Non, déjà avant, mais elle a surtout émergé autour des années 1930. L’un des premiers bars à cocktails – type street bar - s’appelle Lupin, dans le quartier de Ginza à Tokyo. Il a presque cent ans (ndla : ouvert en 1928), mais les propriétaires ont changé déjà trois ou quatre fois ; ce n'est plus une entreprise familiale, contrairement au Harry’s Bar de Paris.
Le premier livre de recettes de cocktails au Japon a été écrit dans les années 1920 par un cuisinier qui était le chef attitré des empereurs Taishō et Shōwa (Hirohito). Il avait fait ses classes en France (ndla : notamment auprès d’Auguste Escoffier au Ritz Paris) et traduisait des recettes de cuisine françaises, mais aussi de cocktails - dont certaines adaptées avec des ingrédients japonais. Une série lui a été consacrée au Japon.
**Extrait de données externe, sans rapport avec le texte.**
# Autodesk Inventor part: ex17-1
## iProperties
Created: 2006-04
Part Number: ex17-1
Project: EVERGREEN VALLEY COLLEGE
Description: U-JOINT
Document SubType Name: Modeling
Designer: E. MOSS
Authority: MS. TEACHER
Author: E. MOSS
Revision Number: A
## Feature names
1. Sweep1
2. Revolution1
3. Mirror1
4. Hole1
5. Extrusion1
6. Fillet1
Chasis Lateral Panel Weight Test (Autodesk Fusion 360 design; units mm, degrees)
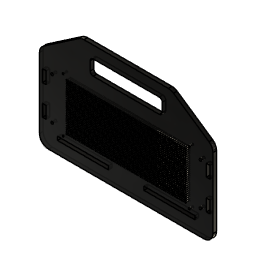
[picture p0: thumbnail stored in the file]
sketch "Sketch1" plane through (0, 0, 0) normal (0, 1, 0) x axis (1, 0, 0)
  line L1 (88.4625, -157.8495) -> (88.4625, -182.8495)
  line L2 (73.4625, -202.8495) -> (-2.8014, -202.7605)
  line L3 (3.9625, -155.3495) -> (292.9625, -155.3495)
  line L4 (3.9625, -91.4325) -> (148.4625, -91.4325)
  line L5 (148.4625, -147.4325) -> (148.4625, -35.4325)
  line L6 (292.9625, -15.4325) -> (3.9625, -15.4325)
  line L7 (262.9625, -141.4325) -> (33.9625, -141.4325)
  line L8 (88.4625, -182.8495) -> (208.4625, -182.8495)
  line L9 (3.9625, -35.4325) -> (292.9625, -35.4325)
  line L10 (292.9625, -91.4325) -> (148.4625, -91.4325)
  line L11 (3.9625, -155.3495) -> (3.9625, -252.9325)
  line L12 (148.4625, -214.9325) -> (148.4625, -182.8495)
  line L13 (223.4625, -202.8495) -> (299.7264, -202.7605)
  line L14 (148.4625, -170.3495) -> (148.4625, -155.3495)
  line L15 (208.4625, -157.8495) -> (88.4625, -157.8495)
  line L16 (3.9625, -147.4325) -> (3.9625, -35.4325)
  line L17 (262.9625, -41.4325) -> (262.9625, -35.4325)
  line L18 (88.4625, -182.8495) -> (208.4625, -157.8495)
  line L19 (3.9625, -147.4325) -> (3.9625, -155.3495)
  line L20 (88.4625, -157.8495) -> (208.4625, -182.8495)
  line L21 (33.9625, -141.4325) -> (33.9625, -147.4325)
  line L22 (33.9625, -41.4325) -> (33.9625, -35.4325)
  line L23 (208.4625, -182.8495) -> (208.4625, -157.8495)
  line L24 (292.9625, -35.4325) -> (292.9625, -15.4325)
  line L25 (292.9625, -155.3495) -> (292.9625, -252.9325)
  line L26 (292.9625, -155.3495) -> (292.9625, -147.4325)
  line L27 (292.9625, -35.4325) -> (292.9625, -147.4325)
  line L28 (262.9625, -141.4325) -> (262.9625, -147.4325)
  line L29 (3.9625, -15.4325) -> (3.9625, -35.4325)
  line L30 (292.9625, -147.4325) -> (3.9625, -147.4325)
  line L31 (262.9625, -147.4325) -> (33.9625, -147.4325)
  line L32 (223.4625, -202.8495) -> (73.4625, -202.8495)
  line L33 (422.8306, -56.4325) -> (416.8306, -56.4325)
  line L34 (470.8306, -141.4325) -> (422.8306, -141.4325)
  line L35 (422.8306, -56.4325) -> (422.8306, -41.4325)
  line L36 (470.8306, -41.4325) -> (422.8306, -41.4325)
  line L37 (550.8306, -41.4325) -> (550.8306, -35.4325)
  line L38 (416.8306, -126.4325) -> (422.8306, -126.4325)
  line L39 (470.8306, -147.4325) -> (470.8306, -141.4325)
  line L40 (684.8306, -147.4325) -> (604.8306, -147.4325)
  line L41 (416.8306, -56.4325) -> (416.8306, -126.4325)
  line L42 (684.8306, -41.4325) -> (732.8306, -41.4325)
  line L43 (422.8306, -126.4325) -> (422.8306, -141.4325)
  line L44 (684.8306, -41.4325) -> (684.8306, -35.4325)
  line L45 (738.8306, -126.4325) -> (732.8306, -126.4325)
  line L46 (604.8306, -147.4325) -> (604.8306, -141.4325)
  line L47 (684.8306, -35.4325) -> (604.8306, -35.4325)
  line L48 (470.8306, -35.4325) -> (470.8306, -41.4325)
  line L49 (732.8306, -126.4325) -> (732.8306, -141.4325)
  line L50 (604.8306, -35.4325) -> (604.8306, -41.4325)
  line L51 (550.8306, -41.4325) -> (604.8306, -41.4325)
  line L52 (550.8306, -141.4325) -> (550.8306, -147.4325)
  line L53 (732.8306, -56.4325) -> (732.8306, -41.4325)
  line L54 (550.8306, -35.4325) -> (470.8306, -35.4325)
  line L55 (732.8306, -56.4325) -> (738.8306, -56.4325)
  line L56 (550.8306, -147.4325) -> (470.8306, -147.4325)
  line L57 (684.8306, -141.4325) -> (684.8306, -147.4325)
  line L58 (738.8306, -56.4325) -> (738.8306, -126.4325)
  line L59 (684.8306, -141.4325) -> (732.8306, -141.4325)
  line L60 (550.8306, -141.4325) -> (604.8306, -141.4325)
  line L61 (3.9625, -155.3495) -> (3.9625, -147.4325)
  line L62 (3.9625, -155.3495) -> (73.4625, -202.8495)
  line L63 (292.9625, -155.3495) -> (223.4625, -202.8495)
  line L64 (292.9625, -155.3495) -> (292.9625, -147.4325)
  line L65 (281.9625, -126.4325) -> (287.9625, -126.4325)
  line L66 (287.9625, -56.4325) -> (281.9625, -56.4325)
  line L67 (8.9625, -126.4325) -> (14.9625, -126.4325)
  line L68 (14.9625, -56.4325) -> (8.9625, -56.4325)
  line L69 (14.9625, -91.4325) -> (281.9625, -91.4325)
  line L70 (148.4625, -71.6893) -> (148.4625, -91.4325)
  line L71 (287.9625, -56.4325) -> (281.9625, -56.4325)
  line L72 (14.9625, -91.4325) -> (281.9625, -91.4325)
  line L73 (281.9625, -126.4325) -> (287.9625, -126.4325)
  line L74 (8.9625, -126.4325) -> (14.9625, -126.4325)
  line L75 (148.4625, -71.6893) -> (148.4625, -91.4325)
  line L76 (14.9625, -56.4325) -> (8.9625, -56.4325)
  line L77 (-57.8702, -329.7432) -> (-63.8702, -329.7432)
  line L78 (-336.8702, -329.7432) -> (-336.8702, -399.7432)
  line L79 (-330.8702, -364.7432) -> (-63.8702, -364.7432)
  line L80 (-63.8702, -399.7432) -> (-57.8702, -399.7432)
  line L81 (-63.8702, -329.7432) -> (-63.8702, -399.7432)
  line L82 (-336.8702, -399.7432) -> (-330.8702, -399.7432)
  line L83 (-57.8702, -399.7432) -> (-57.8702, -329.7432)
  line L84 (-330.8702, -399.7432) -> (-330.8702, -329.7432)
  line L85 (-197.3702, -345) -> (-197.3702, -364.7432)
  line L86 (-330.8702, -329.7432) -> (-336.8702, -329.7432)
  line L87 (732.8306, -106.4325) -> (738.8306, -106.4325)
  line L88 (732.8306, -106.4325) -> (732.8306, -76.4325)
  line L89 (732.8306, -76.4325) -> (738.8306, -76.4325)
  line L90 (422.8306, -106.4325) -> (416.8306, -106.4325)
  line L91 (422.8306, -106.4325) -> (422.8306, -76.4325)
  line L92 (422.8306, -76.4325) -> (416.8306, -76.4325)
  line L93 (732.8306, -91.4325) -> (422.8306, -91.4325)
  line L94 (738.8306, -91.4325) -> (732.8306, -91.4325)
  line L95 (760, -91.4325) -> (738.8306, -91.4325)
  line L96 (-80, -106.4325) -> (416.8306, -106.4325)
  line L97 (-80, -76.4325) -> (416.8306, -76.4325)
  line L98 (8.9625, -106.4325) -> (14.9625, -106.4325)
  line L99 (14.9625, -76.4325) -> (14.9625, -56.4325)
  line L100 (14.9625, -126.4325) -> (14.9625, -106.4325)
  line L101 (8.9625, -106.4325) -> (8.9625, -126.4325)
  line L102 (8.9625, -56.4325) -> (8.9625, -76.4325)
  line L103 (14.9625, -76.4325) -> (14.9625, -56.4325)
  line L104 (14.9625, -126.4325) -> (14.9625, -106.4325)
  line L105 (8.9625, -106.4325) -> (8.9625, -126.4325)
  line L106 (8.9625, -56.4325) -> (8.9625, -76.4325)
  line L107 (281.9625, -106.4325) -> (281.9625, -126.4325)
  line L108 (281.9625, -56.4325) -> (281.9625, -76.4325)
  line L109 (287.9625, -76.4325) -> (287.9625, -56.4325)
  line L110 (287.9625, -126.4325) -> (287.9625, -106.4325)
  line L111 (287.9625, -76.4325) -> (287.9625, -56.4325)
  line L112 (287.9625, -126.4325) -> (287.9625, -106.4325)
  line L113 (281.9625, -106.4325) -> (281.9625, -126.4325)
  line L114 (281.9625, -56.4325) -> (281.9625, -76.4325)
  line L115 (287.9625, -106.4325) -> (281.9625, -106.4325)
  line L116 (284.9625, -91.4325) -> (284.9625, -106.4325)
  line L117 (11.9625, -91.4325) -> (11.9625, -106.4325)
  line L118 (287.9625, -76.4325) -> (281.9625, -76.4325)
  line L119 (14.9625, -76.4325) -> (8.9625, -76.4325)
  line L120 (118.9625, -41.4325) -> (33.9625, -41.4325)
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  point P18 (262.9625, -35.4325)
  point P17 (33.9625, -35.4325)
  point P30 (148.4625, -147.4325)
  point P22 (148.4625, -91.4325)
  point P6 (262.9625, -147.4325)
  point P7 (262.9625, -141.4325)
  point P16 (262.9625, -41.4325)
  point P5 (33.9625, -147.4325)
  point P8 (33.9625, -141.4325)
  point P29 (33.9625, -41.4325)
  point P10 (148.4625, -155.3495)
  point P35 (148.4625, -170.3495)
  point P9 (148.4625, -170.3495)
  point P26 (148.4625, -182.8495)
  point P15 (-2.8014, -202.7605)
  point P36 (299.7264, -202.7605)
  point P13 (73.4625, -202.8495)
  point P37 (223.4625, -202.8495)
  point P20 (3.9625, -91.4325)
  point P81 (148.4625, -91.4325)
  point P93 (148.4625, -91.4325)
  point P103 (-63.8702, -364.7432)
  point P104 (-330.8702, -364.7432)
  point P105 (-197.3702, -364.7432)
  point P115 (422.8306, -91.4325)
  point P116 (732.8306, -91.4325)
  point P118 (738.8306, -91.4325)
  point P122 (14.9625, -106.4325)
  point P123 (8.9625, -106.4325)
  point P92 (14.9625, -91.4325)
  point P124 (281.9625, -106.4325)
  point P91 (281.9625, -91.4325)
  point P125 (287.9625, -106.4325)
  point P79 (281.9625, -91.4325)
  point P126 (284.9625, -106.4325)
  point P128 (11.9625, -106.4325)
  point P130 (287.9625, -76.4325)
  point P131 (281.9625, -76.4325)
  point P132 (14.9625, -76.4325)
  point P133 (8.9625, -76.4325)
  point P129 (11.9625, -91.4325)
  point P134 (11.9625, -91.4325)
  point P127 (284.9625, -91.4325)
  point P135 (284.9625, -91.4325)
  point P140 (148.4625, -38.4325)
  point P142 (148.4625, -38.4325)
  point P3 (292.9625, -15.4325)
  point P19 (292.9625, -35.4325)
  point P2 (3.9625, -147.4325)
  point P24 (3.9625, -35.4325)
  point P14 (292.9625, -155.3495)
  point P27 (292.9625, -147.4325)
  point P32 (208.4625, -182.8495)
  point P33 (88.4625, -182.8495)
  point P28 (88.4625, -157.8495)
  point P4 (3.9625, -15.4325)
  point P63 (470.8306, -141.4325)
  point P64 (470.8306, -147.4325)
  point P42 (416.8306, -126.4325)
  point P57 (422.8306, -126.4325)
  point P47 (550.8306, -35.4325)
  point P61 (470.8306, -35.4325)
  point P40 (470.8306, -41.4325)
  point P48 (422.8306, -41.4325)
  point P53 (550.8306, -41.4325)
  point P58 (604.8306, -41.4325)
  point P66 (416.8306, -56.4325)
  point P51 (422.8306, -141.4325)
  point P1 (0, 0)
  point P71 (287.9625, -126.4325)
  point P72 (281.9625, -126.4325)
  point P74 (287.9625, -56.4325)
  point P75 (14.9625, -126.4325)
  point P76 (8.9625, -126.4325)
  point P78 (14.9625, -56.4325)
  point P83 (287.9625, -126.4325)
  point P84 (281.9625, -126.4325)
  point P85 (287.9625, -56.4325)
  point P89 (14.9625, -126.4325)
  point P90 (8.9625, -126.4325)
  point P88 (14.9625, -56.4325)
  point P95 (-57.8702, -399.7432)
  point P96 (-63.8702, -399.7432)
  point P97 (-57.8702, -329.7432)
  point P101 (-330.8702, -399.7432)
  point P102 (-336.8702, -399.7432)
  point P100 (-330.8702, -329.7432)
  point P108 (732.8306, -106.4325)
  point P109 (738.8306, -106.4325)
  point P110 (732.8306, -76.4325)
  point P114 (738.8306, -76.4325)
  point P136 (118.9625, -41.4325)
  point P137 (177.9625, -41.4325)
  point P138 (118.9625, -35.4325)
  perpendicular L6 L24
  perpendicular L9 L24
  perpendicular L6 L29
  coincident P18 L9
  perpendicular L9 L17
  coincident P17 L9
  perpendicular L9 L22
  perpendicular L9 L16
  perpendicular L24 L30
  perpendicular L9 L27
  midpoint P30 L30
  midpoint P22 L5
  symmetric P6 P18 L10
  symmetric P7 P16 L10
  symmetric P5 P17 L10
  symmetric P8 P29 L10
  perpendicular L26 L30
  perpendicular L3 L26
  perpendicular L19 L30
  midpoint P10 L3
  perpendicular L3 L14
  perpendicular L8 L23
  parallel L1 L23
  parallel L8 L15
  coincident P35 L18
  coincident P35 L20
  coincident P9 P35
  midpoint P26 L8
  perpendicular L8 L12
  perpendicular L3 L25
  perpendicular L3 L11
  symmetric P15 P36 L5
  symmetric P13 P37 L5
  midpoint P20 L16
  parallel L8 L32
  parallel L6 L32
  perpendicular L38 L43
  perpendicular L38 L41
  parallel L36 L54
  parallel L36 L51
  parallel L47 L51
  parallel L42 L47
  equal L37 L48
  equal L44 L50
  equal L45 L55
  equal L47 L54
  equal L35 L43
  parallel L54 L56
  parallel L40 L47
  parallel L42 L59
  parallel L51 L60
  parallel L43 L49
  parallel L35 L53
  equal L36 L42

Un cocktail comme le Bamboo est né à Yokohama à la fin du XIXe siècle, mais ce n'était pas un Japonais qui l’a créé (ndla : il s’agirait de Louis Eppinger, le manager d’origine allemande du bar du Grand Hotel de Yokohama. Qu'il soit l'inventeur de ce cocktail est discuté par les historiens, mais son rôle dans la popularisation du Bamboo semble bien établi).
Le style de service dans les bars à cocktails traditionnels est très formel, car inspiré d'anciens livres, et l’on vous reçoit comme dans un bar d’hôtel classique, avec une grande politesse.
Comment êtes-vous devenu bartender ?
J'étais un client du Bar Tram et le propriétaire me demandait tout le temps de rejoindre l’équipe. A l’époque, j’étais étudiant, et j'ai refusé pendant plus d’un an et demi. La principale raison était que je ne voulais pas travailler la nuit. Je voulais dormir ! Finalement, il m’a convaincu de travailler au moins une fois par semaine dans son établissement. J’ai fini par accepter, et, un jour, j'ai réalisé que j’étais devenu bartender à plein temps ! Avant cela, je ne comprenais pas pourquoi l’on pouvait aimer travailler dans un bar. Mais quand vous commencez à apprendre l’art du service, la perception du métier change. J’ai, alors, décidé de me consacrer uniquement à cette activité. Et j’y suis toujours. Donc, si vous venez à Tokyo, n’hésitez pas à venir goûter notre Trench 75.